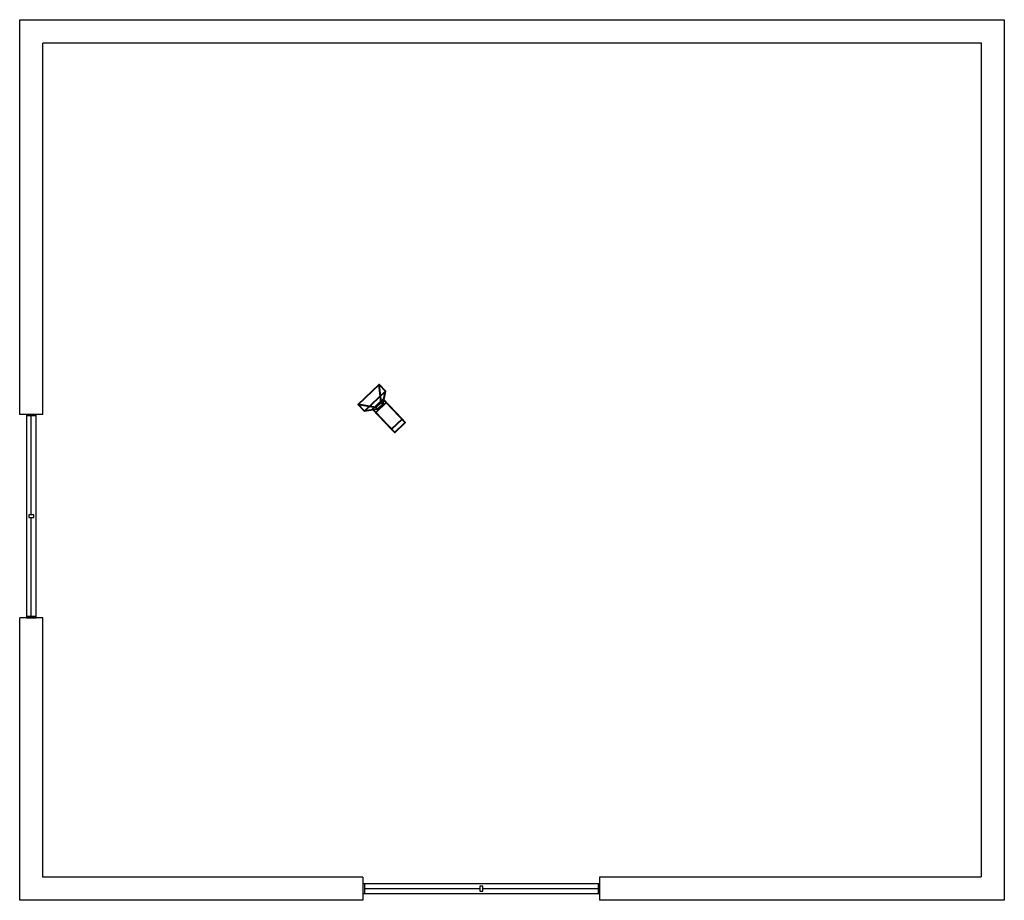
# Model space of a CAD drawing. Header units: metres. Extents: x -6 to 4.2, y -5 to 4.1.
import ezdxf

# ---------------------------------------------------------------- set-up
doc = ezdxf.new("R2010")
doc.units = ezdxf.units.M
doc.header["$MEASUREMENT"] = 0
for name, color, linetype in [('72_EGR_BASE_CAMERA', 7, 'Continuous'), ('72_EGR_INSERT', 7, 'Continuous'), ('72_EGR_ROOM5_D2_WALL', 7, 'Continuous'), ('72_EGR_ROOM5_D2_WALLELEMENT', 7, 'Continuous')]:
    doc.layers.add(name, color=color, linetype=linetype)

# ---------------------------------------------------------------- blocks, each defined once
blk = doc.blocks.new('f4f0b536-35d6-4e71-919c-ed88e65cfc06')
at = {"layer": '72_EGR_ROOM5_D2_WALL'}
for points in [[(-0.12, 0.12, 0), (10.05, 0.12, 0)], [(0.12, -0.12, 0), (9.81, -0.12, 0)]]:
    blk.add_polyline3d(points, dxfattribs=at)
blk = doc.blocks.new('a8b2a597-5260-4050-8f4f-75f6d8341a9d')
at = {"layer": '72_EGR_ROOM5_D2_WALL'}
for points in [[(-0.12, 0.12, 0), (8.97, 0.12, 0)], [(0.12, -0.12, 0), (8.73, -0.12, 0)]]:
    blk.add_polyline3d(points, dxfattribs=at)
blk = doc.blocks.new('6beb59a7-416d-4159-befc-a09c2a90dd41')
at = {"layer": '72_EGR_ROOM5_D2_WALL'}
for points in [[(-0.12, 0.12, 0), (4.06, 0.12, 0)], [(4.06, -0.12, 0), (4.06, 0.12, 0)], [(6.504, -0.12, 0), (6.504, 0.12, 0)], [(6.504, 0.12, 0), (10.05, 0.12, 0)], [(0.12, -0.12, 0), (4.06, -0.12, 0)], [(6.504, -0.12, 0), (9.81, -0.12, 0)]]:
    blk.add_polyline3d(points, dxfattribs=at)
blk = doc.blocks.new('74ea7533-8260-4394-aa73-a323e4ab9d4d')
at = {"layer": '72_EGR_ROOM5_D2_WALL'}
for points in [[(-0.12, 0.12, 0), (2.795, 0.12, 0)], [(2.795, -0.12, 0), (2.795, 0.12, 0)], [(4.896, -0.12, 0), (4.896, 0.12, 0)], [(4.896, 0.12, 0), (8.97, 0.12, 0)], [(0.12, -0.12, 0), (2.795, -0.12, 0)], [(4.896, -0.12, 0), (8.73, -0.12, 0)]]:
    blk.add_polyline3d(points, dxfattribs=at)
blk = doc.blocks.new('507bb752-1977-46e1-81db-391bb8c5463d')
at = {"layer": '72_EGR_ROOM5_D2_WALLELEMENT'}
for points in [[(-1.222, -0.05, 0), (1.222, -0.05, 0), (1.222, 0.05, 0), (-1.222, 0.05, 0)], [(-0.015, -0.025, 0), (0.015, -0.025, 0), (0.015, 0.025, 0), (-0.015, 0.025, 0)]]:
    blk.add_polyline3d(points, close=True, dxfattribs=at)
for points in [[(-1.207, -0.05, 0), (-1.207, 0.05, 0)], [(-1.207, 0, 0), (-0.015, 0, 0)], [(0.015, 0, 0), (1.207, 0, 0)], [(1.207, -0.05, 0), (1.207, 0.05, 0)]]:
    blk.add_polyline3d(points, dxfattribs=at)
blk = doc.blocks.new('f0bd4bbb-fdc0-4541-a33f-4c3b94719fb6')
at = {"layer": '72_EGR_ROOM5_D2_WALLELEMENT'}
blk.add_blockref('507bb752-1977-46e1-81db-391bb8c5463d', (0, 0), dxfattribs=at)
blk = doc.blocks.new('c084eef1-3ef2-44eb-8d30-4eb582d039db')
at = {"layer": '72_EGR_ROOM5_D2_WALLELEMENT'}
for points in [[(-1.051, -0.05, 0), (1.051, -0.05, 0), (1.051, 0.05, 0), (-1.051, 0.05, 0)], [(-0.015, -0.025, 0), (0.015, -0.025, 0), (0.015, 0.025, 0), (-0.015, 0.025, 0)]]:
    blk.add_polyline3d(points, close=True, dxfattribs=at)
for points in [[(-1.036, -0.05, 0), (-1.036, 0.05, 0)], [(-1.036, 0, 0), (-0.015, 0, 0)], [(0.015, 0, 0), (1.036, 0, 0)], [(1.036, -0.05, 0), (1.036, 0.05, 0)]]:
    blk.add_polyline3d(points, dxfattribs=at)
blk = doc.blocks.new('3ef61491-ae55-4872-b020-8517c95dfbd6')
at = {"layer": '72_EGR_ROOM5_D2_WALLELEMENT'}
blk.add_blockref('c084eef1-3ef2-44eb-8d30-4eb582d039db', (0, 0), dxfattribs=at)
blk = doc.blocks.new('X3G_CAMERA_SYMBOL')
at = {"color": 0, "lineweight": -2}
for points in [[(-0.0375, 0.0375, 0), (0.0375, 0.0375, 0), (0.15, 0.15, -0.12), (-0.15, 0.15, -0.12)], [(-0.0375, -0.0375, 0), (-0.0375, 0.0375, 0), (-0.15, 0.15, -0.12), (-0.15, -0.15, -0.12)], [(0.0375, 0.0375, 0), (0.0375, -0.0375, 0), (0.15, -0.15, -0.12), (0.15, 0.15, -0.12)], [(-0.075, 0.075, 0.3), (0.075, 0.075, 0.3), (0.075, 0.075, 0), (-0.075, 0.075, 0)], [(-0.075, -0.075, 0.3), (-0.075, 0.075, 0.3), (-0.075, 0.075, 0), (-0.075, -0.075, 0)], [(0.075, 0.075, 0.3), (0.075, -0.075, 0.3), (0.075, -0.075, 0), (0.075, 0.075, 0)], [(0.0375, -0.0375, 0), (-0.0375, -0.0375, 0), (-0.15, -0.15, -0.12), (0.15, -0.15, -0.12)], [(0.075, -0.075, 0.3), (-0.075, -0.075, 0.3), (-0.075, -0.075, 0), (0.075, -0.075, 0)]]:
    blk.add_polyline3d(points, dxfattribs=at)

msp = doc.modelspace()

# ---------------------------------------------------------------- block references
at = {"layer": '72_EGR_BASE_CAMERA', "color": 195, "lineweight": 40, "true_color": 0x7030a0, "extrusion": (0.657295, -0.685483, -0.313171), "rotation": 1.634652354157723e-12}
msp.add_blockref('X3G_CAMERA_SYMBOL', (-1.568, 0.713, -1.974), dxfattribs=at)
at = {"layer": '72_EGR_INSERT'}
msp.add_blockref('f4f0b536-35d6-4e71-919c-ed88e65cfc06', (-5.87, 3.973), dxfattribs=at)
for name, p, rotation in [('74ea7533-8260-4394-aa73-a323e4ab9d4d', (-5.87, -4.878), 90), ('a8b2a597-5260-4050-8f4f-75f6d8341a9d', (4.06, 3.973), 270), ('3ef61491-ae55-4872-b020-8517c95dfbd6', (-5.87, -1.032), 90), ('6beb59a7-416d-4159-befc-a09c2a90dd41', (4.06, -4.878), 180), ('f0bd4bbb-fdc0-4541-a33f-4c3b94719fb6', (-1.222, -4.878), 180)]:
    msp.add_blockref(name, p, dxfattribs=dict(at, rotation=rotation))

doc.saveas('drawing.dxf')
- - -
- What to do
Leave out the pictures and set down all of the data exactly.

- Task solution
# Model space of a CAD drawing. Header units: metres. Extents: x -6 to 4.2, y -5 to 4.1.
import ezdxf

# ---------------------------------------------------------------- set-up
doc = ezdxf.new("R2010")
doc.units = ezdxf.units.M
doc.header["$MEASUREMENT"] = 0
for name, color, linetype in [('72_EGR_BASE_CAMERA', 7, 'Continuous'), ('72_EGR_INSERT', 7, 'Continuous'), ('72_EGR_ROOM5_D2_WALL', 7, 'Continuous'), ('72_EGR_ROOM5_D2_WALLELEMENT', 7, 'Continuous')]:
    doc.layers.add(name, color=color, linetype=linetype)

# ---------------------------------------------------------------- blocks, each defined once
blk = doc.blocks.new('f4f0b536-35d6-4e71-919c-ed88e65cfc06')
at = {"layer": '72_EGR_ROOM5_D2_WALL'}
for points in [[(-0.12, 0.12, 0), (10.05, 0.12, 0)], [(0.12, -0.12, 0), (9.81, -0.12, 0)]]:
    blk.add_polyline3d(points, dxfattribs=at)
blk = doc.blocks.new('a8b2a597-5260-4050-8f4f-75f6d8341a9d')
at = {"layer": '72_EGR_ROOM5_D2_WALL'}
for points in [[(-0.12, 0.12, 0), (8.97, 0.12, 0)], [(0.12, -0.12, 0), (8.73, -0.12, 0)]]:
    blk.add_polyline3d(points, dxfattribs=at)
blk = doc.blocks.new('6beb59a7-416d-4159-befc-a09c2a90dd41')
at = {"layer": '72_EGR_ROOM5_D2_WALL'}
for points in [[(-0.12, 0.12, 0), (4.06, 0.12, 0)], [(4.06, -0.12, 0), (4.06, 0.12, 0)], [(6.504, -0.12, 0), (6.504, 0.12, 0)], [(6.504, 0.12, 0), (10.05, 0.12, 0)], [(0.12, -0.12, 0), (4.06, -0.12, 0)], [(6.504, -0.12, 0), (9.81, -0.12, 0)]]:
    blk.add_polyline3d(points, dxfattribs=at)
blk = doc.blocks.new('74ea7533-8260-4394-aa73-a323e4ab9d4d')
at = {"layer": '72_EGR_ROOM5_D2_WALL'}
for points in [[(-0.12, 0.12, 0), (2.795, 0.12, 0)], [(2.795, -0.12, 0), (2.795, 0.12, 0)], [(4.896, -0.12, 0), (4.896, 0.12, 0)], [(4.896, 0.12, 0), (8.97, 0.12, 0)], [(0.12, -0.12, 0), (2.795, -0.12, 0)], [(4.896, -0.12, 0), (8.73, -0.12, 0)]]:
    blk.add_polyline3d(points, dxfattribs=at)
blk = doc.blocks.new('507bb752-1977-46e1-81db-391bb8c5463d')
at = {"layer": '72_EGR_ROOM5_D2_WALLELEMENT'}
for points in [[(-1.222, -0.05, 0), (1.222, -0.05, 0), (1.222, 0.05, 0), (-1.222, 0.05, 0)], [(-0.015, -0.025, 0), (0.015, -0.025, 0), (0.015, 0.025, 0), (-0.015, 0.025, 0)]]:
    blk.add_polyline3d(points, close=True, dxfattribs=at)
for points in [[(-1.207, -0.05, 0), (-1.207, 0.05, 0)], [(-1.207, 0, 0), (-0.015, 0, 0)], [(0.015, 0, 0), (1.207, 0, 0)], [(1.207, -0.05, 0), (1.207, 0.05, 0)]]:
    blk.add_polyline3d(points, dxfattribs=at)
blk = doc.blocks.new('f0bd4bbb-fdc0-4541-a33f-4c3b94719fb6')
at = {"layer": '72_EGR_ROOM5_D2_WALLELEMENT'}
blk.add_blockref('507bb752-1977-46e1-81db-391bb8c5463d', (0, 0), dxfattribs=at)
blk = doc.blocks.new('c084eef1-3ef2-44eb-8d30-4eb582d039db')
at = {"layer": '72_EGR_ROOM5_D2_WALLELEMENT'}
for points in [[(-1.051, -0.05, 0), (1.051, -0.05, 0), (1.051, 0.05, 0), (-1.051, 0.05, 0)], [(-0.015, -0.025, 0), (0.015, -0.025, 0), (0.015, 0.025, 0), (-0.015, 0.025, 0)]]:
    blk.add_polyline3d(points, close=True, dxfattribs=at)
for points in [[(-1.036, -0.05, 0), (-1.036, 0.05, 0)], [(-1.036, 0, 0), (-0.015, 0, 0)], [(0.015, 0, 0), (1.036, 0, 0)], [(1.036, -0.05, 0), (1.036, 0.05, 0)]]:
    blk.add_polyline3d(points, dxfattribs=at)
blk = doc.blocks.new('3ef61491-ae55-4872-b020-8517c95dfbd6')
at = {"layer": '72_EGR_ROOM5_D2_WALLELEMENT'}
blk.add_blockref('c084eef1-3ef2-44eb-8d30-4eb582d039db', (0, 0), dxfattribs=at)
blk = doc.blocks.new('X3G_CAMERA_SYMBOL')
at = {"color": 0, "lineweight": -2}
for points in [[(-0.0375, 0.0375, 0), (0.0375, 0.0375, 0), (0.15, 0.15, -0.12), (-0.15, 0.15, -0.12)], [(-0.0375, -0.0375, 0), (-0.0375, 0.0375, 0), (-0.15, 0.15, -0.12), (-0.15, -0.15, -0.12)], [(0.0375, 0.0375, 0), (0.0375, -0.0375, 0), (0.15, -0.15, -0.12), (0.15, 0.15, -0.12)], [(-0.075, 0.075, 0.3), (0.075, 0.075, 0.3), (0.075, 0.075, 0), (-0.075, 0.075, 0)], [(-0.075, -0.075, 0.3), (-0.075, 0.075, 0.3), (-0.075, 0.075, 0), (-0.075, -0.075, 0)], [(0.075, 0.075, 0.3), (0.075, -0.075, 0.3), (0.075, -0.075, 0), (0.075, 0.075, 0)], [(0.0375, -0.0375, 0), (-0.0375, -0.0375, 0), (-0.15, -0.15, -0.12), (0.15, -0.15, -0.12)], [(0.075, -0.075, 0.3), (-0.075, -0.075, 0.3), (-0.075, -0.075, 0), (0.075, -0.075, 0)]]:
    blk.add_polyline3d(points, dxfattribs=at)

msp = doc.modelspace()

# ---------------------------------------------------------------- block references
at = {"layer": '72_EGR_BASE_CAMERA', "color": 195, "lineweight": 40, "true_color": 0x7030a0, "extrusion": (0.657295, -0.685483, -0.313171), "rotation": 1.634652354157723e-12}
msp.add_blockref('X3G_CAMERA_SYMBOL', (-1.568, 0.713, -1.974), dxfattribs=at)
at = {"layer": '72_EGR_INSERT'}
msp.add_blockref('f4f0b536-35d6-4e71-919c-ed88e65cfc06', (-5.87, 3.973), dxfattribs=at)
for name, p, rotation in [('74ea7533-8260-4394-aa73-a323e4ab9d4d', (-5.87, -4.878), 90), ('a8b2a597-5260-4050-8f4f-75f6d8341a9d', (4.06, 3.973), 270), ('3ef61491-ae55-4872-b020-8517c95dfbd6', (-5.87, -1.032), 90), ('6beb59a7-416d-4159-befc-a09c2a90dd41', (4.06, -4.878), 180), ('f0bd4bbb-fdc0-4541-a33f-4c3b94719fb6', (-1.222, -4.878), 180)]:
    msp.add_blockref(name, p, dxfattribs=dict(at, rotation=rotation))

doc.saveas('drawing.dxf')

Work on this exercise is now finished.